We will be borrowing the maximum out of Mrs. TWM's 401k , which is not sufficient to cover the entire cost of the house. The balance will be covered by the owner taking back a note which will have a six month period of no payments. The 401k loan will take out payments from Mrs. TWM's paychecks every two weeks. This will actually turn out to be beneficial in that there will be at least two months out of the year that takes three payments, which should help pay down the loan a bit sooner. There are also no penalties for paying off a 401k loan early.

As for the note carried back by the owner, it is for one fourth the cost of the house. In the coming six months, we will be paying off credit cards completely in order to have the cash flow available to cover the payment. There is also some expectation that we will set up a home equity line of credit to pay of the note.

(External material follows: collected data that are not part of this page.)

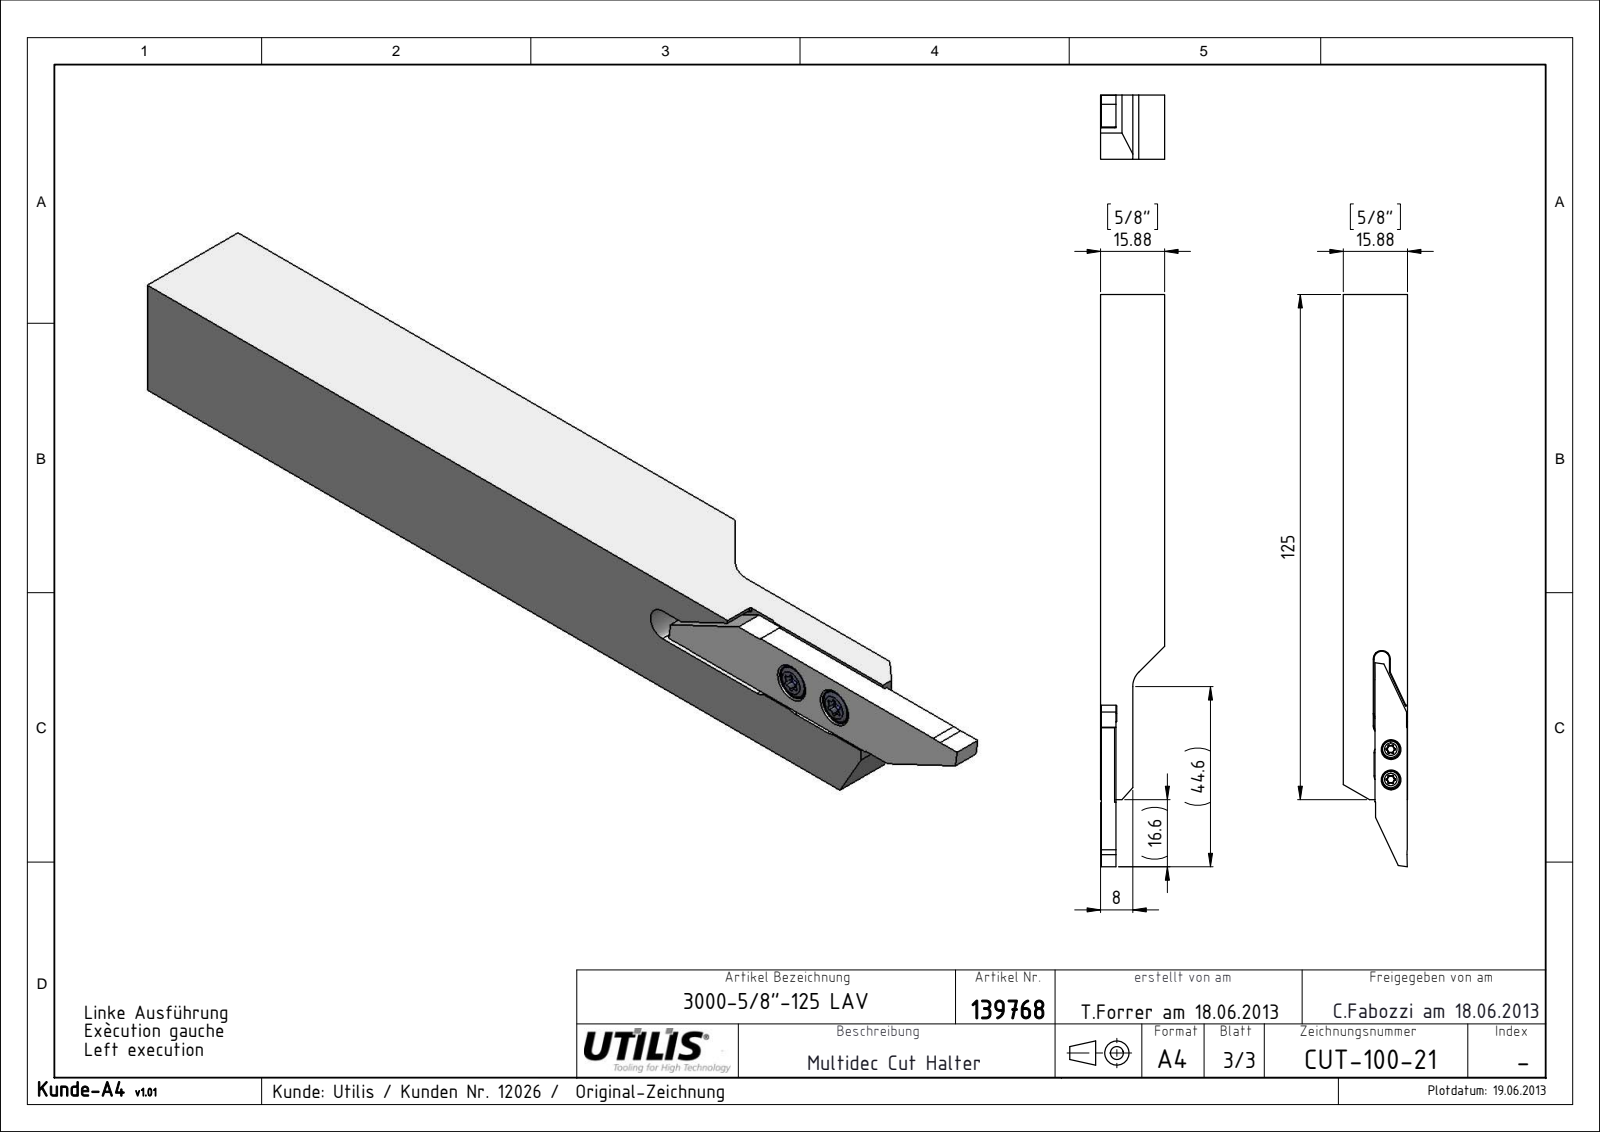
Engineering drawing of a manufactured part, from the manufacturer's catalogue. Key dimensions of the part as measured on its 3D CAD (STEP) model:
Part name (STEP PRODUCT): CUT-100-Kunde_3000-5-8-125 LAV; CUT- 3000 R+L Lang NUR FÜR KUNDEN _L-Lang; MSP-16_M3x7.3 T08; CUT-100-21
STEP written by: SolidWorks 2014 (CONFIG_CONTROL_DESIGN)
Units: millimetres
Bodies: 4 solids, 118 faces (34 planar, 56 cylindrical, 28 other)
Overall size (bounding box): 141.6 × 15.88 × 15.88
Volume: 27 233 mm³ · Surface area: 9 168 mm²
Round holes (diameter × count): ⌀2.5 ×2, ⌀4.9 ×2
Round bosses / shafts (diameter × count): ⌀4.1 ×2, ⌀3 ×2
Partial cylindrical surfaces — rounded edges, fillets, slot ends (radius × count): R0.2 ×12, R0.45 ×12, R2.1 ×4, R10 ×2, R5 ×1
Main face-to-face distances: 15.88, 15.87, 3.79, 12.08, 8, 4.21, 7.87, 3.6, 7.81, 15.68
Hole centre spacings: 3.75, 7.5, 3.65, 3.85, 7.4, 7.6

Of course, there are other costs associated with owning a home. We will have to have home owner's insurance and foot the bill for all repairs and improvements. And, in the near term, there are costs for the transaction, which will include a home inspection.

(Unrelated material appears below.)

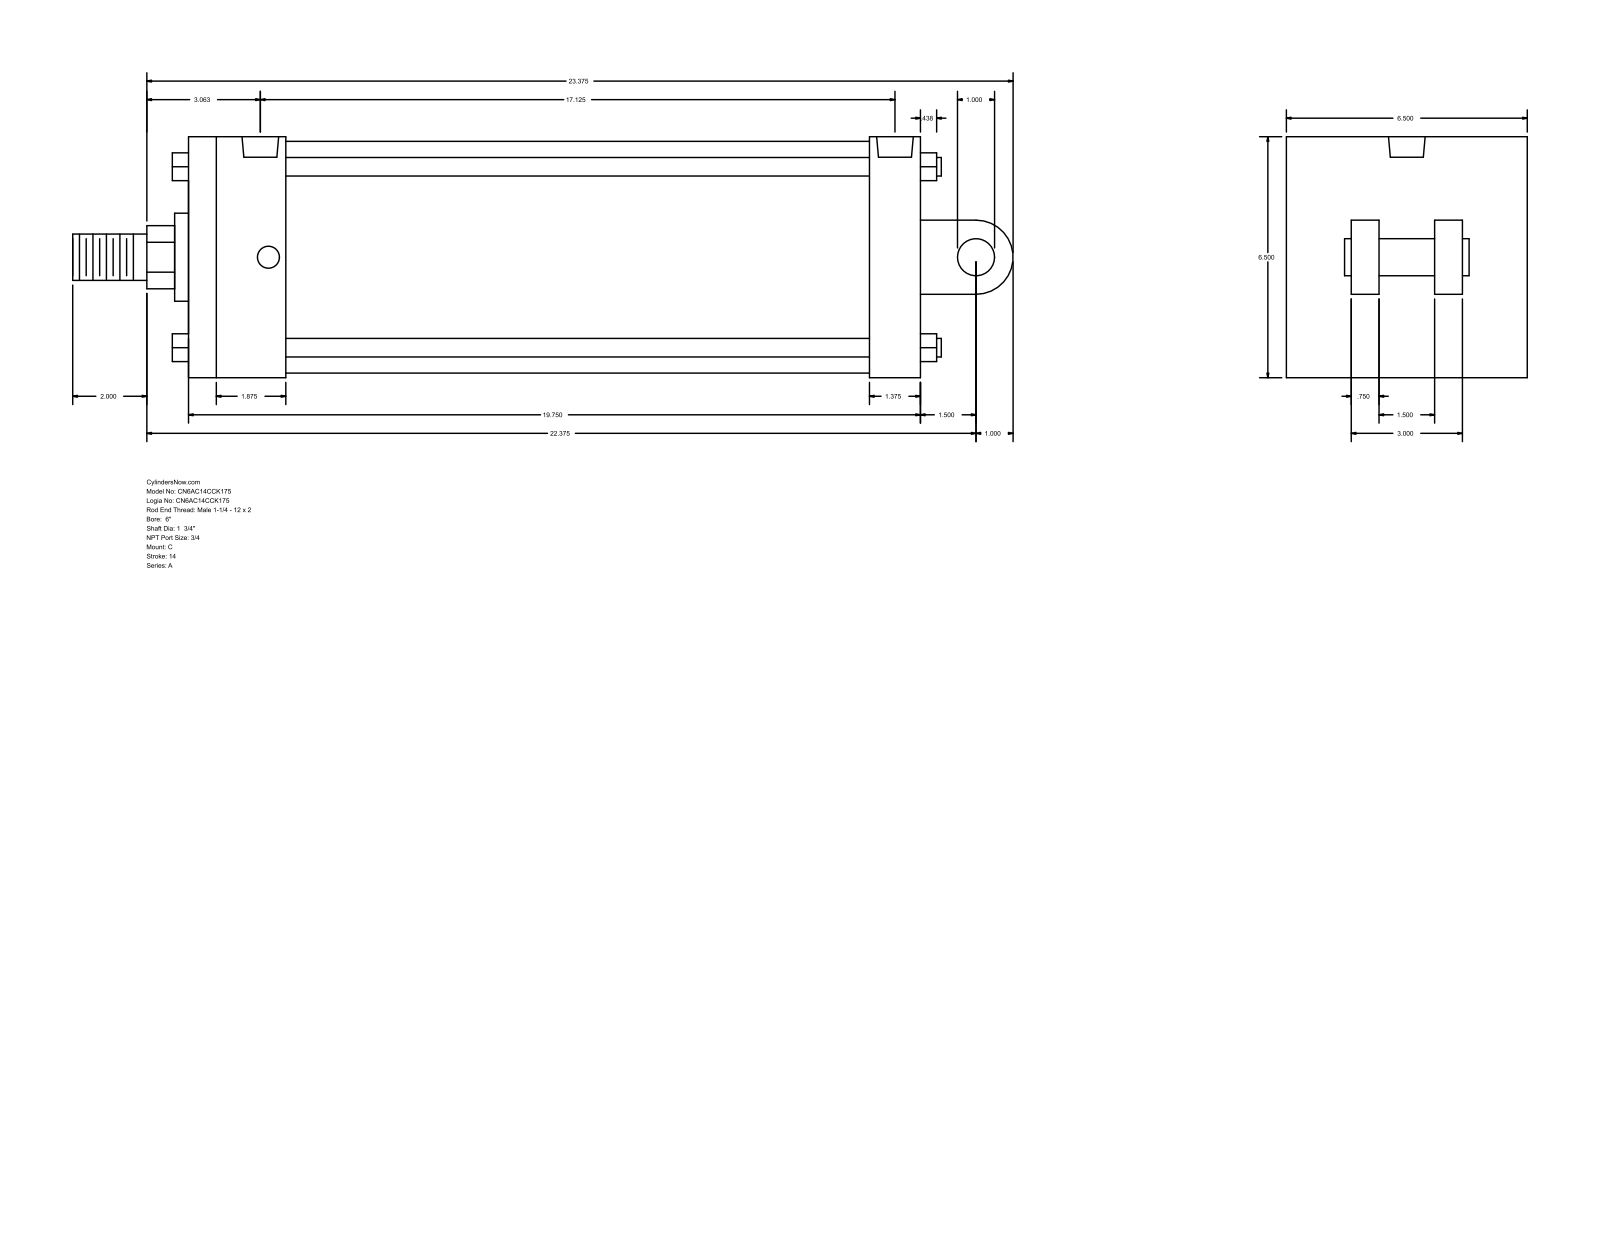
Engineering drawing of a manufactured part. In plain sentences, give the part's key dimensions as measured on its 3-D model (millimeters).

The risks we face are not having enough cashflow to make payments. Or, we are dependent on Mrs. TWM keeping her current job. If she loses it, then the loan would come due immediately. Our best bet is to build up equity as quickly as possible to mitigate that risk. One problem we currently have is that my own personal credit is inadequate, which is exacerbated with the tight money practices in effect resulting from pandemic response.

The opportunity presented to us is that by setting up a home equity line of credit, we will eventually be better positioned to put down payments on investment properties that will no doubt become available from the mountains of foreclosures that will occur in the coming months. There will be many nonperforming notes for sale in future. For now, we just have to focus on our current task, which is to buy the home. We can dream later.